Linear algebra states Schwarz inequality as $$\lvert\mathbf x^\mathrm T\mathbf y\rvert\le\lVert\mathbf x\rVert\lVert\mathbf y\rVert\tag 1$$ However, probability theory states it as $$(\mathbf E[XY])^2\le\mathbf E[X^2]\mathbf E[Y^2]\tag 2$$ By comparing $\lvert\sum_i x_iy_i\rvert\le\sqrt{\sum_i x_i^2\sum_i y_i^2}$ with $\lvert\sum_y\sum_x xyp_{X,Y}(x,y)\rvert\le\sqrt{\sum_x x^2p_X(x)\sum_y y^2p_Y(y)}$, we see that $(1)$ and $(2)$ are equivalent when $p_{X,Y}(x,y)=\begin{cases}\frac1n&\text{if $x=x_i$ and $y=y_i$ for $i\in\{1,2,\cdots,n\}$}\\0&\text{otherwise}\end{cases}$. Thus, $(2)$ can be thought of as a more general form of the inequality.
Another way to think about this is to compare $\lvert\cos\theta\rvert=\frac{\lvert\mathbf x^\mathrm T\mathbf y\rvert}{\lVert\mathbf x\rVert\lVert\mathbf y\rVert}\le1$ with $\lvert\rho\rvert=\frac{\lvert\mathbf{cov}(X,Y)\rvert}{\sqrt{\mathbf{var}(X)\mathbf{var}(Y)}}\le1$. The former is exactly $(1)$, while the latter becomes $(2)$ only when $\mathbf E[X]=\mathbf E[Y]=0$. In some sense, we can view $\mathbf x^\mathrm T\mathbf y$ as a special form of $\mathbf{cov}(X,Y)$. Then, it follows that $\mathbf x^\mathrm T\mathbf x$ is a form of $\mathbf{var}(X)$ and $\lVert\mathbf x\rVert$ is a form of $\sqrt{\mathbf{var}(X)}$.

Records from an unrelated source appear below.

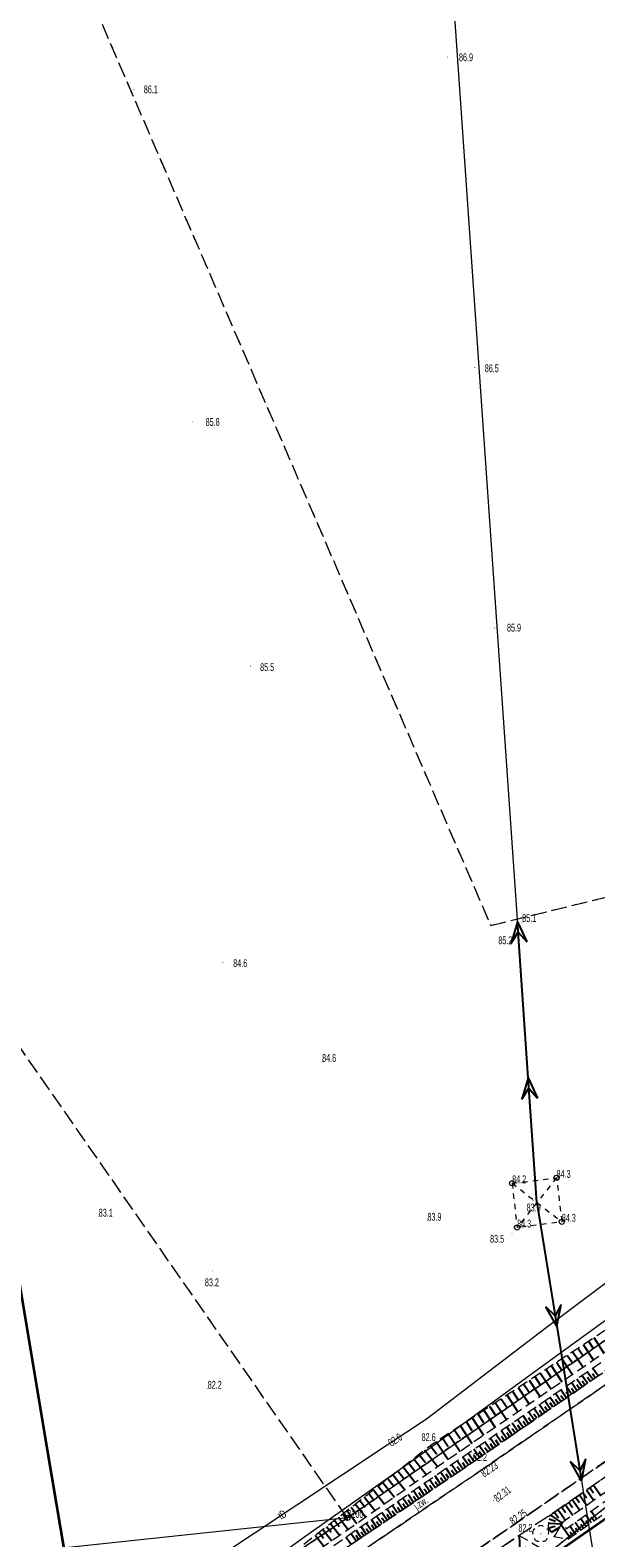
# Model space of a CAD drawing. Header units: metres. Extents: x 6524698 to 6533081, y 5883213 to 5896811.
# Tile 37 of 131: x 6528776 to 6528830, y 5888521 to 5888665. Entities that reach past the tile are written whole.
import ezdxf
from ezdxf.enums import TextEntityAlignment as Align

# ---------------------------------------------------------------- set-up
doc = ezdxf.new("R2010")
doc.units = ezdxf.units.M
for name, pattern in [('mapa zasadnicza$0$1.0_0.5', [1.5, 1, -0.5]), ('mapa zasadnicza$0$1.5_0.5', [2, 1.5, -0.5]), ('mapa zasadnicza$0$219-500', [0]), ('mapa zasadnicza$0$egkk-500', [2, 1.5, -0.5]), ('mapa zasadnicza$0$egug-500', [1, 0.5, -0.5]), ('mapa zasadnicza$0$suep_wn_500', [0]), ('mapa zasadnicza$0$supp_500', [1, 0.5, -0.5])]:
    doc.linetypes.add(name, pattern=pattern)
for name, color, linetype in [('mapa zasadnicza$0$000 Inne (niezydentyfikowane)', 7, 'Continuous'), ('mapa zasadnicza$0$202-punkt graniczny', 7, 'Continuous'), ('mapa zasadnicza$0$202-punkt graniczny-Atr103', 7, 'Continuous'), ('mapa zasadnicza$0$217-kontur klasyfikacyjny', 7, 'Continuous'), ('mapa zasadnicza$0$218-kontur użytku gruntowego', 7, 'Continuous'), ('mapa zasadnicza$0$219-działka ewidencyjna', 7, 'Continuous'), ('mapa zasadnicza$0$drzewo liściaste', 7, 'Continuous'), ('mapa zasadnicza$0$jezdnia', 7, 'Continuous'), ('mapa zasadnicza$0$jezdnia-Atr17', 7, 'Continuous'), ('mapa zasadnicza$0$ogrodzenie trwałe', 7, 'Continuous'), ('mapa zasadnicza$0$pikieta naturalna', 7, 'Continuous'), ('mapa zasadnicza$0$pikieta naturalna-Atr2', 7, 'Continuous'), ('mapa zasadnicza$0$pikieta sztuczna', 7, 'Continuous'), ('mapa zasadnicza$0$pikieta sztuczna-Atr2', 7, 'Continuous'), ('mapa zasadnicza$0$przewód elektroenergetyczny wysokiego napięcia', 7, 'Continuous'), ('mapa zasadnicza$0$przewód telekomunikacyjny podziemny', 7, 'Continuous'), ('mapa zasadnicza$0$przewód telekomunikacyjny podziemny-Atr1', 7, 'Continuous'), ('mapa zasadnicza$0$rzędna', 7, 'Continuous'), ('mapa zasadnicza$0$rzędna-Atr2', 7, 'Continuous'), ('mapa zasadnicza$0$skarpa nieumocniona', 7, 'Continuous'), ('mapa zasadnicza$0$słup przewodów napowietrznych', 7, 'Continuous')]:
    doc.layers.add(name, color=color, linetype=linetype)
doc.styles.add('mapa zasadnicza$0$STANDARD', font='Working1250', dxfattribs={"width": 0.75})
doc.linetypes.add('mapa zasadnicza$0$902-500', pattern='A,3.75,0,[1,ksztalty.shx,S=0.5,R=0,X=0,Y=0],3.75', length=7.5)

# ---------------------------------------------------------------- blocks, each defined once
blk = doc.blocks.new('mapa zasadnicza$0$202')
at = {"color": 0, "linetype": 'Continuous', "lineweight": 0}
blk.add_circle((0, 0), 0.25, dxfattribs=at)
blk = doc.blocks.new('mapa zasadnicza$0$PW01')
at = {"linetype": 'Continuous', "lineweight": 13}
h = blk.add_hatch(color=0, dxfattribs=at)
edge = h.paths.add_edge_path()
edge.add_arc((0, 0), 0.045, 0, 360)
blk = doc.blocks.new('mapa zasadnicza$0$OP021')
at = {"linetype": 'Continuous', "lineweight": 13}
h = blk.add_hatch(color=0, dxfattribs=at)
edge = h.paths.add_edge_path()
edge.add_arc((0, 0), 0.05, 0, 360)
at = {"color": 0, "linetype": 'Continuous', "lineweight": 13}
for centre, start, end in [((-0.38, 0.124), 121.308, 202.548), ((0, 0.4), 49.272, 130.728), ((0.38, 0.124), 337.452, 58.692), ((-0.235, -0.324), 193.221, 274.871), ((0.235, -0.324), 265.129, 346.779)]:
    blk.add_arc(centre, 0.4, start, end, dxfattribs=at)
blk = doc.blocks.new('mapa zasadnicza$0$SM05')
at = {"color": 0, "linetype": 'Continuous', "lineweight": 13}
blk.add_circle((0, 0), 0.25, dxfattribs=at)
blk = doc.blocks.new('mapa zasadnicza$0$SUEP3')
at = {"color": 0, "linetype": 'Continuous'}
for p, q in [((0, 0), (12.003, 0)), ((12.003, 0), (10.003, 0.75)), ((10.003, 0.75), (11.003, 0)), ((12.003, 0), (10.003, -0.75)), ((11.003, 0), (10.003, -0.75)), ((12.003, 0), (27.003, 0)), ((27.003, 0), (25.003, 0.75)), ((25.003, 0.75), (26.003, 0)), ((27.003, 0), (25.003, -0.75)), ((26.003, 0), (25.003, -0.75))]:
    blk.add_line(p, q, dxfattribs=at)

msp = doc.modelspace()

# ---------------------------------------------------------------- linework, layer by layer
at = {"layer": 'mapa zasadnicza$0$000 Inne (niezydentyfikowane)', "color": 7, "linetype": 'Continuous', "lineweight": 35, "flags": 128}
msp.add_lwpolyline([(6528792.843, 5888438.565), (6528791.565, 5888446.128), (6528790.287, 5888453.691), (6528789.009, 5888461.253), (6528787.731, 5888468.816), (6528786.453, 5888476.378), (6528785.175, 5888483.941), (6528783.897, 5888491.504), (6528782.619, 5888499.066), (6528781.341, 5888506.629), (6528780.063, 5888514.191), (6528778.785, 5888521.754), (6528777.507, 5888529.317), (6528776.211, 5888536.985), (6528774.507, 5888547.342)], dxfattribs=at)
at = {"layer": 'mapa zasadnicza$0$000 Inne (niezydentyfikowane)', "color": 7, "linetype": 'Continuous', "lineweight": 25, "flags": 128}
for points in [[(6528827.8, 5888538.79), (6528828.8, 5888537.27)], [(6528828.31, 5888539.13), (6528828.81, 5888538.37)], [(6528828.81, 5888539.46), (6528829.81, 5888537.96)], [(6528829.32, 5888539.79), (6528829.81, 5888539.04)], [(6528829.82, 5888540.12), (6528830.8, 5888538.63)], [(6528825.74, 5888537.43), (6528826.77, 5888535.88)], [(6528826.26, 5888537.78), (6528826.77, 5888537)], [(6528826.78, 5888538.12), (6528827.79, 5888536.58)], [(6528827.29, 5888538.45), (6528827.8, 5888537.69)], [(6528823.64, 5888536.04), (6528824.69, 5888534.45)], [(6528824.17, 5888536.39), (6528824.69, 5888535.6)], [(6528824.7, 5888536.74), (6528825.73, 5888535.17)], [(6528825.22, 5888537.09), (6528825.74, 5888536.31)], [(6528828.2, 5888535.04), (6528827.68, 5888535.81)], [(6528828.71, 5888535.39), (6528828.19, 5888536.15)], [(6528829.22, 5888535.74), (6528828.69, 5888536.5)], [(6528828.96, 5888535.57), (6528828.7, 5888535.95)], [(6528829.72, 5888536.09), (6528829.2, 5888536.85)], [(6528829.47, 5888535.92), (6528829.21, 5888536.3)], [(6528830.23, 5888536.44), (6528829.71, 5888537.19)], [(6528829.97, 5888536.26), (6528829.71, 5888536.64)], [(6528821.48, 5888534.62), (6528822.56, 5888533)], [(6528822.03, 5888534.98), (6528822.56, 5888534.17)], [(6528822.57, 5888535.34), (6528823.63, 5888533.73)], [(6528823.1, 5888535.69), (6528823.63, 5888534.89)], [(6528826.16, 5888533.64), (6528825.63, 5888534.41)], [(6528826.67, 5888533.99), (6528826.15, 5888534.76)], [(6528827.19, 5888534.34), (6528826.66, 5888535.11)], [(6528826.93, 5888534.17), (6528826.67, 5888534.55)], [(6528827.7, 5888534.69), (6528827.17, 5888535.46)], [(6528827.44, 5888534.52), (6528827.18, 5888534.9)], [(6528827.95, 5888534.87), (6528827.69, 5888535.25)], [(6528828.46, 5888535.22), (6528828.2, 5888535.6)], [(6528819.28, 5888533.17), (6528820.38, 5888531.51)], [(6528819.83, 5888533.54), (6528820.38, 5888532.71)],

What is the special form of $\mathbf E[X]$ and how do we understand $\mathbf E[X]=\mathbf E[Y]=0$ in linear algebra? With $p_{X,Y}$ defined above, we have $\mathbf E[XY]=\frac{\mathbf x^\mathrm T\mathbf y}n$, but $\mathbf{cov}(X,Y)\ne\mathbf E[XY]$ unless $\mathbf E[X]=0$ or $\mathbf E[Y]=0$. How can we obtain a relation between $\mathbf{cov}(X,Y)$ and $\mathbf x^\mathrm T\mathbf y$?